#### What is being asked
Your task is to copy each line of the material below that includes "ezdxf".

#### Task inputs

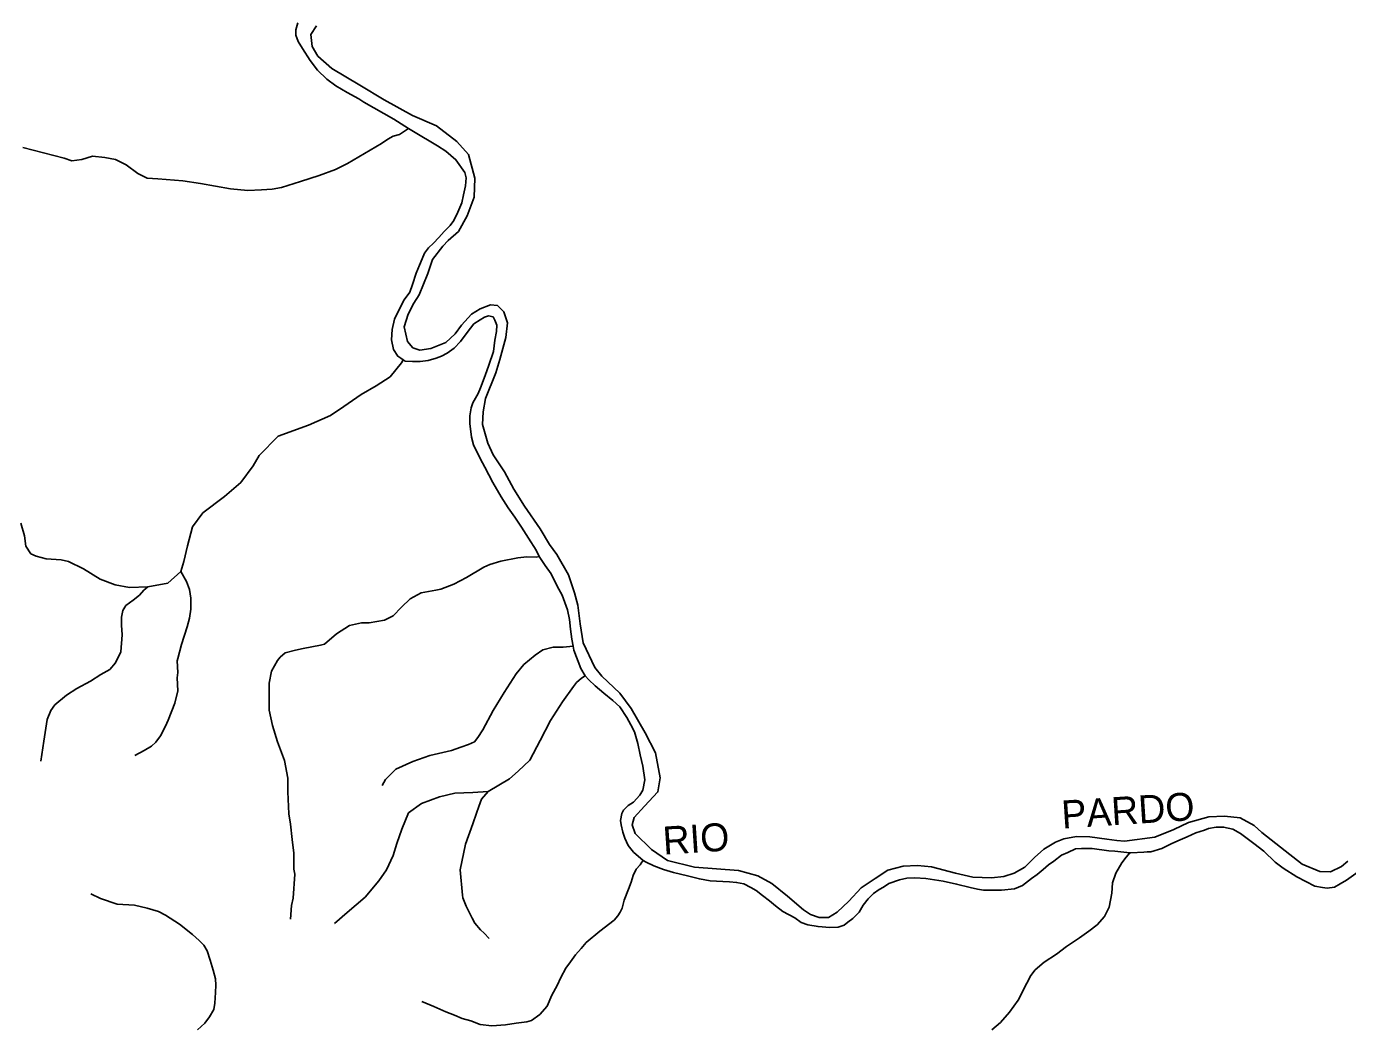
# Model space of a CAD drawing. Extents: x 436.3 to 500.4, y 8231 to 8286.4.
# Drawn here: x 483.31 to 492.75, y 8265.76 to 8272.92 of the extents above; entities that cross this region are included whole.
import ezdxf
from ezdxf.enums import TextEntityAlignment as Align

# ---------------------------------------------------------------- set-up
doc = ezdxf.new("R2010")
doc.units = 0
doc.header["$LTSCALE"] = 0.08
doc.linetypes.add('LONG_DASHED', pattern=[7.5, 6, -1.5])
doc.layers.add('2', color=7, linetype='Continuous', lineweight=25)
doc.layers.add('9', color=7, linetype='LONG_DASHED', lineweight=25)
doc.layers.add('61', color=7, linetype='Continuous')

msp = doc.modelspace()

# ---------------------------------------------------------------- linework, layer by layer
at = {"layer": '2'}
for points in [[(486.0404, 8272.1863), (485.9354, 8272.2526), (485.7207, 8272.3743), (485.6844, 8272.3972), (485.6006, 8272.443), (485.5205, 8272.4909), (485.4557, 8272.5386), (485.389, 8272.6016), (485.3376, 8272.6724), (485.2824, 8272.7584), (485.2518, 8272.8081), (485.2355, 8272.8515), (485.2337, 8272.8897), (485.2489, 8272.9413)], [(488.0829, 8266.9074), (487.8892, 8266.9559), (487.7758, 8267.0349), (487.6591, 8267.1491), (487.6361, 8267.21), (487.6514, 8267.2634), (487.7252, 8267.3446), (487.82, 8267.4463), (487.8366, 8267.5464), (487.8031, 8267.7243), (487.7304, 8267.8688), (487.6299, 8268.0412), (487.5495, 8268.1507), (487.4211, 8268.2729), (487.3709, 8268.3341), (487.2871, 8268.5122), (487.2648, 8268.6458), (487.2481, 8268.7794), (487.2259, 8268.8686), (487.1813, 8268.9967), (487.0976, 8269.1415), (487.0475, 8269.2139), (486.9805, 8269.3253), (486.869, 8269.4869), (486.791, 8269.6095), (486.7241, 8269.7322), (486.6447, 8269.8538), (486.6058, 8269.9375), (486.5669, 8270.0715), (486.5726, 8270.1608), (486.5896, 8270.2558), (486.6625, 8270.4402), (486.6905, 8270.5352), (486.7356, 8270.6917), (486.7469, 8270.7979), (486.7191, 8270.8761), (486.6745, 8270.9207), (486.6242, 8270.9263), (486.5515, 8270.8983), (486.49, 8270.8592), (486.4172, 8270.7808), (486.3724, 8270.7193), (486.3053, 8270.6578), (486.199, 8270.6129), (486.1208, 8270.6017), (486.0706, 8270.6184), (486.0315, 8270.6631), (486.0093, 8270.7693), (486.0374, 8270.8588), (486.0767, 8270.9371), (486.1159, 8270.9986), (486.1776, 8271.1496), (486.2113, 8271.2504), (486.2841, 8271.3454), (486.3232, 8271.3846), (486.3957, 8271.4502), (486.4573, 8271.5621), (486.5077, 8271.6963), (486.5135, 8271.8306), (486.4683, 8271.9989), (486.3853, 8272.0936), (486.2402, 8272.2055), (486.067, 8272.2782), (485.8659, 8272.3902), (485.6928, 8272.4965), (485.4918, 8272.6141), (485.3913, 8272.7037), (485.3522, 8272.7708), (485.3408, 8272.8566), (485.3818, 8272.9204)], [(486.4522, 8271.8331), (486.4423, 8271.8706), (486.3776, 8271.9623), (486.3071, 8272.0234), (486.2461, 8272.0616), (486.0756, 8272.1645), (486.0404, 8272.1863)], [(486.3373, 8271.4932), (486.3641, 8271.5295), (486.3928, 8271.5887), (486.4196, 8271.6536), (486.433, 8271.711), (486.4464, 8271.7759), (486.4522, 8271.8331)], [(486.0023, 8270.5329), (485.9853, 8270.5441), (485.9632, 8270.5588), (485.9328, 8270.6065), (485.9176, 8270.6771), (485.9235, 8270.7496), (485.9389, 8270.8241), (485.9733, 8270.8928), (486.0078, 8270.9616), (486.0501, 8271.0163), (486.0692, 8271.0718), (486.0941, 8271.1519), (486.1171, 8271.2092), (486.1362, 8271.2551), (486.1534, 8271.2951), (486.1822, 8271.3333), (486.2185, 8271.3658), (486.2552, 8271.4073), (486.2934, 8271.4493), (486.3373, 8271.4932)], [(486.9715, 8269.1282), (486.9505, 8269.1742), (486.8969, 8269.2591), (486.8455, 8269.3371), (486.7998, 8269.4094), (486.7522, 8269.4759), (486.7008, 8269.554), (486.6418, 8269.6568), (486.5845, 8269.7665), (486.5502, 8269.8274), (486.5046, 8269.9265), (486.4894, 8269.9817), (486.4763, 8270.077), (486.4783, 8270.1323), (486.486, 8270.1895), (486.4994, 8270.2257), (486.5379, 8270.2918), (486.5532, 8270.3338), (486.5878, 8270.4215), (486.6126, 8270.496), (486.6453, 8270.5932), (486.6568, 8270.6734), (486.6683, 8270.7344), (486.6703, 8270.7801), (486.6571, 8270.8165), (486.6438, 8270.8393), (486.6113, 8270.8469), (486.5828, 8270.8374), (486.5512, 8270.8189), (486.5053, 8270.7901), (486.4594, 8270.7272), (486.4097, 8270.6642), (486.3658, 8270.6164), (486.3161, 8270.5801), (486.2742, 8270.5591), (486.236, 8270.5438), (486.1787, 8270.5285), (486.1234, 8270.5208), (486.0681, 8270.5208), (486.0147, 8270.5246), (486.0023, 8270.5329)], [(487.2149, 8268.4865), (487.2058, 8268.5365), (487.1965, 8268.6081), (487.1889, 8268.6785), (487.1751, 8268.7465), (487.137, 8268.8511), (487.1009, 8268.9156), (487.059, 8269.0031), (487.0149, 8269.0647), (486.9715, 8269.1282)], [(487.3004, 8268.2765), (487.2708, 8268.327), (487.2207, 8268.4583), (487.2149, 8268.4865)], [(487.6072, 8267.0631), (487.5842, 8267.1163), (487.5709, 8267.158), (487.5575, 8267.211), (487.5537, 8267.2415), (487.5631, 8267.2908), (487.5745, 8267.3155), (487.6091, 8267.3491), (487.6454, 8267.372), (487.6911, 8267.4232), (487.7139, 8267.4593), (487.7271, 8267.5315), (487.7137, 8267.6301), (487.6947, 8267.7118), (487.6774, 8267.7915), (487.6523, 8267.8742), (487.6275, 8267.9254), (487.599, 8267.9766), (487.5494, 8268.0545), (487.4998, 8268.0981), (487.435, 8268.1511), (487.3717, 8268.2036), (487.3279, 8268.2468), (487.3004, 8268.2765)], [(492.7476, 8266.9504), (492.7029, 8266.9136), (492.6248, 8266.8747), (492.5468, 8266.8781), (492.421, 8266.931), (492.2676, 8267.0505), (492.1337, 8267.1562), (492.0778, 8267.2062), (491.9774, 8267.2619), (491.8658, 8267.2731), (491.7544, 8267.2675), (491.6095, 8267.2286), (491.5038, 8267.1786), (491.3702, 8267.123), (491.1529, 8267.0953), (491.0988, 8267.0984), (491.0264, 8267.1096), (490.9039, 8267.1263), (490.8092, 8267.1264), (490.7201, 8267.1097), (490.6589, 8267.0875), (490.5754, 8267.0375), (490.5087, 8266.9763), (490.4419, 8266.9096), (490.364, 8266.8651), (490.2916, 8266.8429), (490.2026, 8266.8319), (490.0688, 8266.8375), (489.9464, 8266.8653), (489.7736, 8266.9098), (489.6733, 8266.9209), (489.573, 8266.9153), (489.4617, 8266.8876), (489.3726, 8266.8264), (489.2724, 8266.7598), (489.1834, 8266.6653), (489.1, 8266.5874), (489.0387, 8266.5485), (488.9718, 8266.5485), (488.9105, 8266.5707), (488.8603, 8266.604)], [(492.8209, 8266.8747), (492.739, 8266.8158), (492.6934, 8266.7892), (492.6534, 8266.7665), (492.6001, 8266.7589), (492.5677, 8266.7627), (492.5115, 8266.7731), (492.3839, 8266.8396), (492.2867, 8266.9003), (492.2276, 8266.944), (492.1475, 8267.0219), (492.077, 8267.0769), (491.9818, 8267.1491), (491.9253, 8267.1792), (491.8605, 8267.1944), (491.8073, 8267.1944), (491.7521, 8267.1849), (491.7236, 8267.1735), (491.6628, 8267.1546), (491.6001, 8267.1262), (491.5335, 8267.0957), (491.486, 8267.0749), (491.4194, 8267.0407), (491.3406, 8267.0178), (491.3141, 8267.0178), (491.2906, 8267.0166), (491.1988, 8267.0119), (491.1911, 8267.0115)], [(487.7143, 8266.9565), (487.6453, 8267.0158), (487.6072, 8267.0631)], [(491.1911, 8267.0115), (491.084, 8267.0236), (491.0403, 8267.0255), (490.9205, 8267.0426), (490.8444, 8267.0427), (490.8026, 8267.0389), (490.7475, 8267.0124), (490.7019, 8266.9934), (490.6468, 8266.9517), (490.6107, 8266.925), (490.5727, 8266.8909), (490.5291, 8266.8549), (490.4892, 8266.8265), (490.4233, 8266.7765), (490.3682, 8266.7536), (490.2731, 8266.7442), (490.2085, 8266.7442), (490.1458, 8266.7442), (490.102, 8266.7518), (490.0507, 8266.7633), (489.9537, 8266.788), (489.8567, 8266.8089), (489.7332, 8266.8279), (489.656, 8266.8331), (489.597, 8266.8293), (489.5458, 8266.8179), (489.4697, 8266.7914), (489.4317, 8266.7667), (489.3994, 8266.7477), (489.3595, 8266.7211), (489.3216, 8266.6832), (489.2874, 8266.6358), (489.2569, 8266.5864), (489.2133, 8266.5428), (489.1772, 8266.5163), (489.1506, 8266.4935), (489.1069, 8266.4803), (489.048, 8266.4765), (488.9642, 8266.484), (488.8919, 8266.4973), (488.8443, 8266.5124), (488.7986, 8266.5465), (488.7117, 8266.5912), (488.6603, 8266.633), (488.6164, 8266.669), (488.5669, 8266.705), (488.5211, 8266.7409), (488.485, 8266.7638), (488.4336, 8266.7884), (488.3821, 8266.7997), (488.3326, 8266.8035), (488.285, 8266.8053), (488.1936, 8266.8109), (488.1174, 8266.8241), (488.0323, 8266.8456), (487.9313, 8266.8701)], [(487.9313, 8266.8701), (487.8608, 8266.8909), (487.7907, 8266.9191), (487.7357, 8266.945), (487.7143, 8266.9565)], [(488.8603, 8266.604), (488.7469, 8266.7024), (488.6352, 8266.7912), (488.5348, 8266.8467), (488.3953, 8266.8855), (488.2391, 8266.8965), (488.0829, 8266.9074)]]:
    msp.add_lwpolyline(points, dxfattribs=at)
at = {"layer": '9'}
for p, q in [((486.9509, 8269.1227), (486.9715, 8269.1282)), ((487.2737, 8268.2597), (487.3004, 8268.2765))]:
    msp.add_line(p, q, dxfattribs=at)
for points in [[(486.0404, 8272.1863), (485.9756, 8272.1439), (485.9302, 8272.1311), (485.8921, 8272.1093), (485.8468, 8272.0784), (485.6037, 8271.9358), (485.5188, 8271.8932), (485.4009, 8271.8506), (485.2688, 8271.808), (485.1319, 8271.7654), (485.0659, 8271.7512), (484.9905, 8271.7465), (484.8915, 8271.7417), (484.769, 8271.7558), (484.5549, 8271.794), (484.4276, 8271.8129), (484.2485, 8271.827), (484.1731, 8271.8317), (484.1072, 8271.8647), (484.0225, 8271.9261), (483.9471, 8271.9638), (483.8718, 8271.978), (483.7823, 8271.9874), (483.7068, 8271.9637), (483.6362, 8271.9542), (483.5796, 8271.9731), (483.286, 8272.0493)], [(484.4141, 8269.021), (484.4358, 8269.0915), (484.462, 8269.2044), (484.497, 8269.3389), (484.571, 8269.4388), (484.7248, 8269.5574), (484.8422, 8269.6574), (484.9293, 8269.7748), (484.9728, 8269.8487), (485.1078, 8269.9878), (485.3251, 8270.0662), (485.4815, 8270.1358), (485.5787, 8270.1994), (485.7005, 8270.2863), (485.8091, 8270.3472), (485.9092, 8270.4125), (485.9896, 8270.5115), (486.0023, 8270.5329)], [(483.271, 8269.3672), (483.2982, 8269.2758), (483.3072, 8269.2027), (483.3436, 8269.1479), (483.3801, 8269.1296), (483.4531, 8269.1114), (483.5592, 8269.1041), (483.6112, 8269.0911), (483.7196, 8269.0391), (483.8366, 8268.9654), (483.945, 8268.9263), (484.0463, 8268.9057), (484.1775, 8268.9102)], [(485.197, 8266.5363), (485.203, 8266.6334), (485.2152, 8266.6879), (485.2272, 8266.8578), (485.2211, 8266.8941), (485.2209, 8267.0094), (485.2086, 8267.1065), (485.1962, 8267.2157), (485.1839, 8267.2884), (485.1777, 8267.4463), (485.1777, 8267.5434), (485.1532, 8267.6709), (485.1043, 8267.8044), (485.0676, 8267.9198), (485.0433, 8268.0292), (485.0433, 8268.1203), (485.0433, 8268.2237), (485.0616, 8268.309), (485.1047, 8268.3855), (485.123, 8268.4099), (485.1597, 8268.4404), (485.233, 8268.4587), (485.2879, 8268.4711), (485.4101, 8268.4956), (485.4406, 8268.5018), (485.5261, 8268.575), (485.6177, 8268.636), (485.7036, 8268.6549), (485.7585, 8268.655), (485.8684, 8268.6734), (485.9295, 8268.704), (485.9906, 8268.7649), (486.0517, 8268.826), (486.131, 8268.8687), (486.2348, 8268.8872), (486.2715, 8268.8934), (486.363, 8268.9301), (486.4546, 8268.9789), (486.5767, 8269.0522), (486.6195, 8269.0706), (486.6988, 8269.095), (486.8208, 8269.1195), (486.8841, 8269.1261), (486.9509, 8269.1227)], [(484.0863, 8267.7067), (484.1518, 8267.7415), (484.2042, 8267.772), (484.2347, 8267.8024), (484.2696, 8267.846), (484.3046, 8267.9156), (484.322, 8267.9591), (484.3702, 8268.081), (484.3924, 8268.1693), (484.3881, 8268.2607), (484.3925, 8268.2999), (484.3882, 8268.3827), (484.3926, 8268.4001), (484.419, 8268.4995), (484.4584, 8268.6259), (484.476, 8268.687), (484.4849, 8268.7524), (484.485, 8268.8308), (484.4763, 8268.8919), (484.4546, 8268.9485), (484.4141, 8269.021)], [(484.1775, 8268.9102), (484.3209, 8268.9381), (484.4141, 8269.021)], [(483.4139, 8267.6657), (483.4352, 8267.8076), (483.4494, 8267.9019), (483.4581, 8267.9628), (483.4844, 8268.0281), (483.5149, 8268.0671), (483.5978, 8268.1368), (483.6719, 8268.1846), (483.7679, 8268.2369), (483.8421, 8268.2848), (483.9076, 8268.3196), (483.9469, 8268.3676), (483.9862, 8268.4459), (483.9951, 8268.568), (483.9909, 8268.6377), (483.991, 8268.6943), (483.9998, 8268.7423), (484.0217, 8268.7772), (484.0741, 8268.8165), (484.1177, 8268.8514), (484.1483, 8268.8863), (484.1775, 8268.9102)], [(485.8511, 8267.4922), (485.8754, 8267.5347), (485.9487, 8267.6078), (486.0708, 8267.6627), (486.1929, 8267.7055), (486.3454, 8267.7423), (486.4126, 8267.7667), (486.4675, 8267.7851), (486.5102, 8267.8033), (486.5346, 8267.8338), (486.5712, 8267.8886), (486.6444, 8268.0284), (486.7237, 8268.1563), (486.8092, 8268.2902), (486.8641, 8268.3571), (486.9435, 8268.4242), (486.9984, 8268.4608), (487.0715, 8268.4791), (487.1447, 8268.4792), (487.2149, 8268.4865)], [(486.6081, 8267.4487), (486.7606, 8267.54), (486.8216, 8267.5948), (486.9069, 8267.6739), (486.9801, 8267.8138), (487.0539, 8267.9563), (487.1392, 8268.0902), (487.2185, 8268.1997), (487.2385, 8268.227), (487.2737, 8268.2597)], [(485.5101, 8266.5059), (485.6016, 8266.5849), (485.7297, 8266.6944), (485.8272, 8266.8097), (485.8821, 8266.8888), (485.9308, 8266.992), (485.9552, 8267.0769), (485.9917, 8267.1802), (486.0405, 8267.2956), (486.132, 8267.3626), (486.2602, 8267.4115), (486.3701, 8267.436), (486.4983, 8267.4424), (486.6081, 8267.4487)], [(486.6159, 8266.3995), (486.5793, 8266.4358), (486.5548, 8266.46), (486.512, 8266.5085), (486.4936, 8266.5448), (486.4508, 8266.6296), (486.4263, 8266.6903), (486.4262, 8266.7084), (486.4078, 8266.8904), (486.446, 8267.0728), (486.4985, 8267.2186), (486.5249, 8267.2944), (486.5424, 8267.341), (486.5599, 8267.3936), (486.6081, 8267.4487)], [(486.1354, 8265.9482), (486.221, 8265.912), (486.3065, 8265.8758), (486.3676, 8265.8517), (486.4226, 8265.8275), (486.4837, 8265.8095), (486.5509, 8265.7854), (486.6344, 8265.7753), (486.7328, 8265.783), (486.8086, 8265.7932), (486.8844, 8265.8034), (486.9172, 8265.8134), (486.9777, 8265.8562), (487.0307, 8265.9165), (487.0633, 8265.9943), (487.1011, 8266.0621), (487.1263, 8266.1198), (487.164, 8266.1876), (487.1968, 8266.2328), (487.232, 8266.2831), (487.2724, 8266.3283), (487.3076, 8266.371), (487.4067, 8266.4504), (487.5074, 8266.5308), (487.5352, 8266.5609), (487.5503, 8266.5861), (487.5654, 8266.6162), (487.5804, 8266.6715), (487.6106, 8266.7518), (487.6307, 8266.802), (487.6433, 8266.8498), (487.6659, 8266.895), (487.6936, 8266.9252), (487.7061, 8266.9449), (487.7143, 8266.9565)], [(490.2045, 8265.7467), (490.2674, 8265.7982), (490.3317, 8265.872), (490.3927, 8265.9587), (490.4547, 8266.0792), (490.4837, 8266.1337), (490.515, 8266.1744), (490.58, 8266.2301), (490.6669, 8266.2879), (490.7377, 8266.3425), (490.8309, 8266.4035), (490.8984, 8266.4516), (490.9567, 8266.4975), (491.0106, 8266.5552), (491.0435, 8266.6224), (491.0626, 8266.722), (491.0657, 8266.796), (491.0914, 8266.8666), (491.1332, 8266.9405), (491.1654, 8266.9791), (491.1911, 8267.0115)], [(483.7716, 8266.7169), (483.8405, 8266.6848), (483.9578, 8266.6446), (484.0832, 8266.6367), (484.1722, 8266.6166), (484.2532, 8266.5926), (484.3037, 8266.5645), (484.405, 8266.5002), (484.4961, 8266.4281), (484.5448, 8266.3839), (484.5772, 8266.3518), (484.6015, 8266.3116), (484.6239, 8266.2433), (484.6444, 8266.172), (484.6608, 8266.1117), (484.6628, 8266.0655), (484.6609, 8266.0133), (484.6569, 8265.9368), (484.6489, 8265.8927), (484.6186, 8265.8403), (484.5843, 8265.7942), (484.5337, 8265.7459)]]:
    msp.add_lwpolyline(points, dxfattribs=at)

# ---------------------------------------------------------------- texts
at = {"layer": '61'}
msp.add_text('RIO                                PARDO', height=0.2, rotation=3.747, dxfattribs=at).set_placement((489.7598, 8267.1216), align=Align.CENTER)

doc.saveas('drawing.dxf')

#### Answer area
import ezdxf
from ezdxf.enums import TextEntityAlignment as Align
doc = ezdxf.new("R2010")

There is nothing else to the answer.